What Sqoop doesn’t provide out of the box (without extra scripting & coding):
- Atomic offloading (no data loss nor duplicates even in case of Hadoop node or network failure)
- Quick offloading of small tables (even small table offloads launch a big MapReduce job)
- Sync, merge, and compact incremental changes on HDFS for one “current” view of data
- Load microsecond-precision timestamps without precision loss (Sqoop loads only milliseconds by default)
Gluent Offload Engine has built-in data validation and HDFS update support to ensure the RDBMS data is fully synchronized with Hadoop and represents the current state of the source data.
Q: What Hadoop storage formats are supported?
When syncing data from RDBMS to Hadoop, we support Parquet and ORC. We have built a technology to allow updates/changes to existing offloaded data (normally HDFS/Parquet is immutable). When presenting existing Hadoop data to RDBMS (not offloading from database first) we support all datatypes what your underlying Hadoop distribution supports. Whatever tables/files can be queried via Hive or Impala (for example: Parquet, Avro, CSV, JSON), they can be presented to your RDBMS for transparent query.

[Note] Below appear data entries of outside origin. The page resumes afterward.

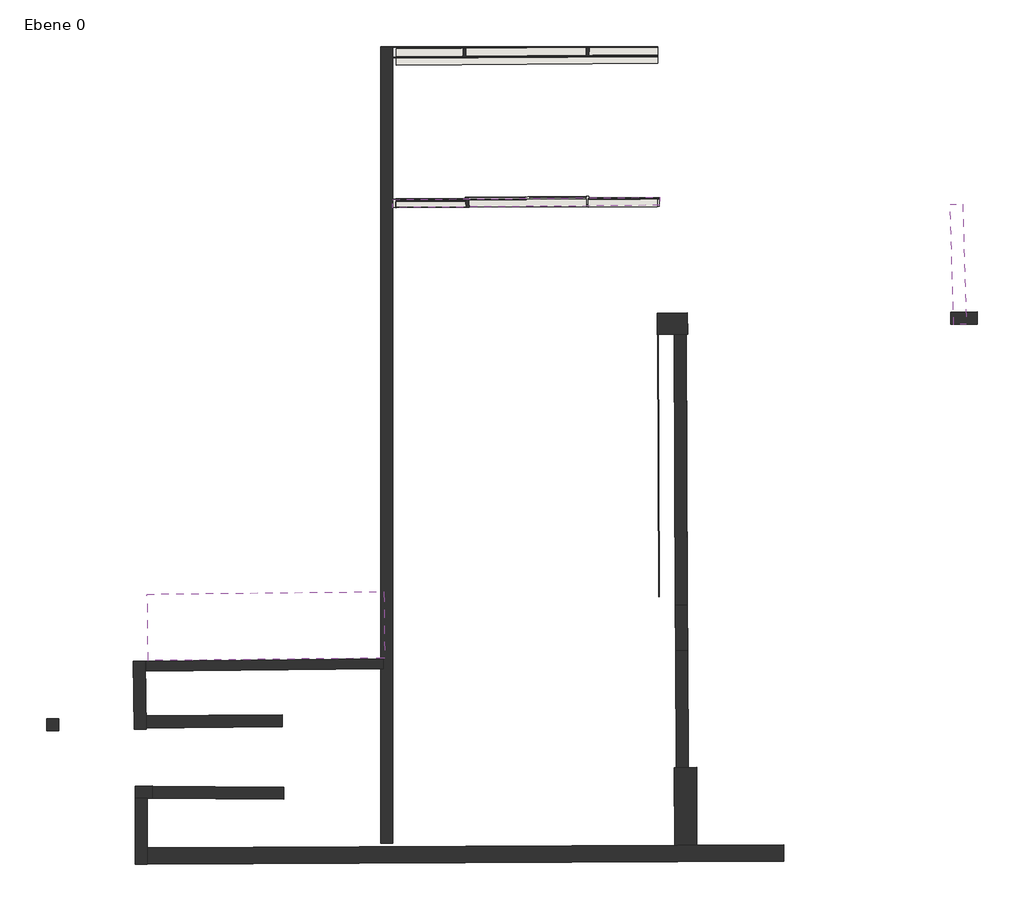
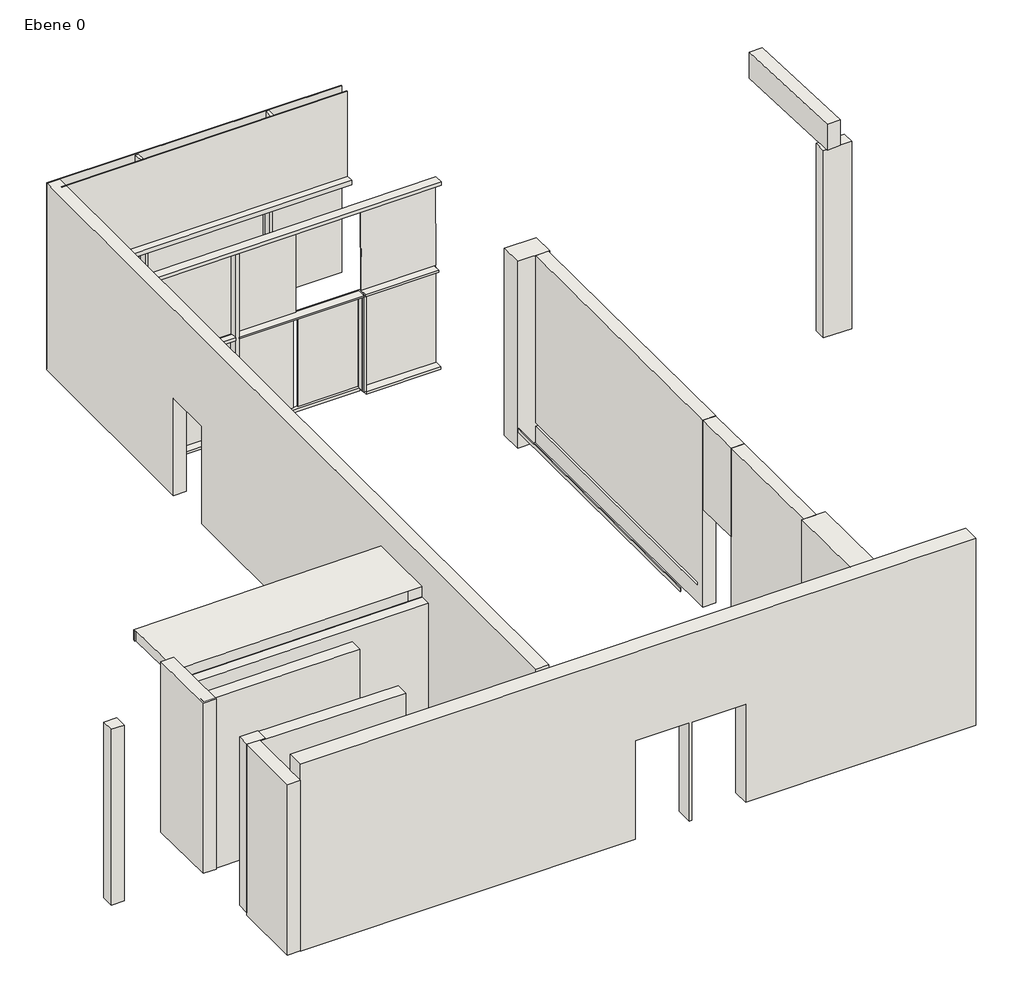
# One storey: 46 walls.
"""IFC4 building model written with IfcOpenShell, lengths in millimetres."""

from ifc_helpers import new_model, si_unit, frame, origin, place, context, project, spatial, polyline, outline, extrude, faceted_brep, element, save

model = new_model("IFC4")

# Units and contexts
model_context = context("Model", 3, world=origin())
ifc_project = project(units=[si_unit("LENGTHUNIT", "METRE", prefix="MILLI")], contexts=[model_context])

# Site, building, storey
site = spatial("IfcSite", under=ifc_project)
building = spatial("IfcBuilding", under=site)
storey = spatial("IfcBuildingStorey", under=building, Name="Ebene 0", Elevation=0.0)

# Walls
placement = place(None, origin())
element("IfcWall", 1, ObjectType="STB 30.0 - Sichtbeton 1", at=placement, inside=storey, context=model_context, shape_type="SweptSolid", body=[
    extrude(outline(polyline([(-8402.8984862, -3386.1116182), (-5023.0576004, -3407.986993), (-5024.9992525, -3707.9807096), (-8404.8401383, -3686.1053348), (-8402.8984862, -3386.1116182)])), frame((0.0, 0.0, -1567.0079424), z_axis=(0.0, 0.0, 1.0), x_axis=(1.0, 0.0, 0.0)), (0.0, 0.0, 1.0), 4193.9637451),
])
element("IfcWall", 2, ObjectType="STB 30.0 - Sichtbeton 1", at=placement, inside=storey, context=model_context, shape_type="SweptSolid", body=[
    extrude(outline(polyline([(-8711.881099, -1641.309095), (-5062.179794, -1608.676683), (-5059.4975656, -1908.6646922), (-8709.1988706, -1941.2971042), (-8711.881099, -1641.309095)])), frame((0.0, 0.0, -1566.6113359), z_axis=(0.0, 0.0, 1.0), x_axis=(1.0, 0.0, 0.0)), (0.0, 0.0, 1.0), 4193.494873),
])
element("IfcWall", 3, ObjectType="STB 30.0 - Sichtbeton 1", at=placement, inside=storey, context=model_context, shape_type="Brep", body=[
    faceted_brep([(-8280.7224922, -3375.8727385, -1505.4189133), (-8707.8712691, -3380.2933626, -1505.4189133), (-8707.8712691, -3380.2933626, 2636.550325), (-8280.7224922, -3375.8727385, 2636.550325), (-8280.7224922, -3375.8727385, -1388.9973215), (-8280.4523049, -3675.8860076, -1505.4189133), (-8280.4523049, -3675.8860076, 2636.550325), (-8407.8712691, -3677.2046848, 2636.550325), (-8707.8712691, -3680.3094278, 2636.550325), (-8707.8712691, -3680.3094278, -1505.4189133)], [[[0, 1, 2, 3, 4]], [[5, 6, 7, 8, 9]], [[1, 0, 5, 9]], [[3, 2, 8, 7, 6]], [[0, 4, 3, 6, 5]], [[2, 1, 9, 8]]]),
])
element("IfcWall", 4, ObjectType="STB 30.0 - Sichtbeton 1", at=placement, inside=storey, context=model_context, shape_type="Brep", body=[
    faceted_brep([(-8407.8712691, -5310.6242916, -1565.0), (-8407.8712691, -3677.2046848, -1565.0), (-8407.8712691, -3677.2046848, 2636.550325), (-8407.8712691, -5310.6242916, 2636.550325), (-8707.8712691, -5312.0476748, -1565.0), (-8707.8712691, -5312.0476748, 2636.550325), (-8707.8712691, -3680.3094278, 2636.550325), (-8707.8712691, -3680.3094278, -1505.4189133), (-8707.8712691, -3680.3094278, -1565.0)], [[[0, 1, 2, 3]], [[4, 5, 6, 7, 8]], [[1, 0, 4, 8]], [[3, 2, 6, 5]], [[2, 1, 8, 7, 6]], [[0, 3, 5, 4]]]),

Q: Where is the software installed?
The software is required to be installed on the relational database server. Optionally, if you would like to run the offloads from the Hadoop cluster, or for specific security implementations, Gluent Offload Engine components can also be installed on a Hadoop Edge Node.
Q: Does Gluent require specific hardware resources for the Hadoop cluster (for example, SSD storage, number of cores etc.)?
There are no specific hardware requirements.
Q: What change data capture methods are used to identify and capture source data changes?
Gluent Offload Engine will periodically query tables and/or partitions for changes and sync these to Hadoop. It can also poll Gluent-maintained log tables (populated by triggers on source tables or when updating offloaded, Hadoop-only data from within the RDBMS) and syncs the logged changes to Hadoop.
Q: How does Gluent Offload Engine keep my data secure?
Gluent Offload Engine supports data encryption on data at rest and data in-motion. Role based access control is also fully supported.
Q: Does Gluent Offload Engine provide a scheduling tool?
No, but Gluent Offload can be run via any external scheduling tool that supports generic command line calls.
Q: Do I need to create any tables or metadata on Hadoop manually?
Not at all. Gluent Offload Engine will both copy data to HDFS in a compressed, columnar format, and it will create the table metadata in Hadoop (Impala or Hive). While creating the Hadoop based table, Gluent Offload Engine will determine which data type will best represent each source RDBMS data type, ensuring no data is compromised or lost during the offload.
Q: How do I optimize the offload of data?
Gluent Offload Engine has several available options for optimizing the speed of ingestion, depending on the specific use case, data types involved, and other information. These optimizations can be found and followed in the Gluent documentation. For more detailed optimization support, ask about Gluent consulting services for Gluent Offload Engine implementation.